On October 30, 2006, the band announced on their MySpace that the album would be released the next day, Halloween, in Canada. A video for the song "Sicker" was later filmed. In a generally favourable review, Chart magazine wrote, "It's the kind of pop-rock that isn't merely catchy, it's rewarding after repeated listens." Exclaim!s review was more negative, saying, "While the energy and enthusiasm put forth on tracks such as "Sicker", "Get Out Of My Car" and "Party By Myself" is admirable, there’s a distinct stench of immaturity here that detracts from the overall product."

===Inactivity and other projects (2007–present)===
The band performed for MTV sometime in early 2007, and, shortly afterwards. went inactive.
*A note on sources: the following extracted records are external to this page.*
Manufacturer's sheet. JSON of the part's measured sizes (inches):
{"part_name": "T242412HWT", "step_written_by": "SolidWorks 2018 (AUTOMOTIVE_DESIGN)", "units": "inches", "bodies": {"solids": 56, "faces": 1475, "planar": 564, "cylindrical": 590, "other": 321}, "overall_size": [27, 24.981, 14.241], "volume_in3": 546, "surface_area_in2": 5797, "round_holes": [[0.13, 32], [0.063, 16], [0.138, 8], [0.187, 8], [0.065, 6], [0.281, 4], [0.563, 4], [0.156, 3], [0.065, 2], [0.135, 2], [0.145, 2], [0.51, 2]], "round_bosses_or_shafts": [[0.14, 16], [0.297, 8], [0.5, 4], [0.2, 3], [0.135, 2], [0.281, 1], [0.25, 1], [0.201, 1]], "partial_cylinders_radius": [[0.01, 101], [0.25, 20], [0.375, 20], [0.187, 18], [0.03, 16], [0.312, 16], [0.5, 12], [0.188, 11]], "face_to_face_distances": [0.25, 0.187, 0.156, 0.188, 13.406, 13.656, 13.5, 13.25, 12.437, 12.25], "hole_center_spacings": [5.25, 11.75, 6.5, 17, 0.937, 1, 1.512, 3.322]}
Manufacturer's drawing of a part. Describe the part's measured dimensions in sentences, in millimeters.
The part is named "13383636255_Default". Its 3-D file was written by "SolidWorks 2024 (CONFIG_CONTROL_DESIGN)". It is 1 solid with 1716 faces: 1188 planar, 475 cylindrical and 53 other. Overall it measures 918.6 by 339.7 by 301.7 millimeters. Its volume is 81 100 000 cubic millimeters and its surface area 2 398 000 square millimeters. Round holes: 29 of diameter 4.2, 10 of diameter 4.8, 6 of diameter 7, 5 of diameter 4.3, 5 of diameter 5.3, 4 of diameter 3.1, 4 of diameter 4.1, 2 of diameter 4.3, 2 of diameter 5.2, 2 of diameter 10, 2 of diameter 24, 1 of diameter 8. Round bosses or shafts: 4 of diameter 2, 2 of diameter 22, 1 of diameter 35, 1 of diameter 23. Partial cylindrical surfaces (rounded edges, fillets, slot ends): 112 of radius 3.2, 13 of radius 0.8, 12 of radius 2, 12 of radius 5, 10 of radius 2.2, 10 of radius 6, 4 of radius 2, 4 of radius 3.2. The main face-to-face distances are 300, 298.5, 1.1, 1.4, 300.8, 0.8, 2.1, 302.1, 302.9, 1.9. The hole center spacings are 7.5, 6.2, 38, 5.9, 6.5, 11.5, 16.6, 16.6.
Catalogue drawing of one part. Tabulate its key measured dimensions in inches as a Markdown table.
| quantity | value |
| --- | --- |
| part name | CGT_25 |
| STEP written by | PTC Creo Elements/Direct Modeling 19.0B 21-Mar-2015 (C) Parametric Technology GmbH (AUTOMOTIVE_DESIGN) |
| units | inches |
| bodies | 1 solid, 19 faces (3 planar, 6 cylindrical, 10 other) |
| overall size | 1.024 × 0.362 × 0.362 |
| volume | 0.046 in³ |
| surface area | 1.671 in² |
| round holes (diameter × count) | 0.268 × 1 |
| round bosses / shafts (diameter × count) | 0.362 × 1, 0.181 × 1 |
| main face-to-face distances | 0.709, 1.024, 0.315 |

On March 5, 2011, the band played a show with Ian D'Sa from Billy Talent on guitar at the Horseshoe Tavern in Toronto, before going inactive again. In late 2014, the band's website was put up for sale.

In 2008, both Bucchino and Hughes produced The Johnstones' EP, Sex.

In 2019, Bucchino produced a documentary titled Obsessed With Olive Oil, which follows "a former punk rock musician turned olive oil expert on his annual quest to Italy in search of exceptional extra virgin olive oils that will change your life and transform your dish." Bucchino currently operates his own line of extra virgin olive oil under "Abandoned Grove".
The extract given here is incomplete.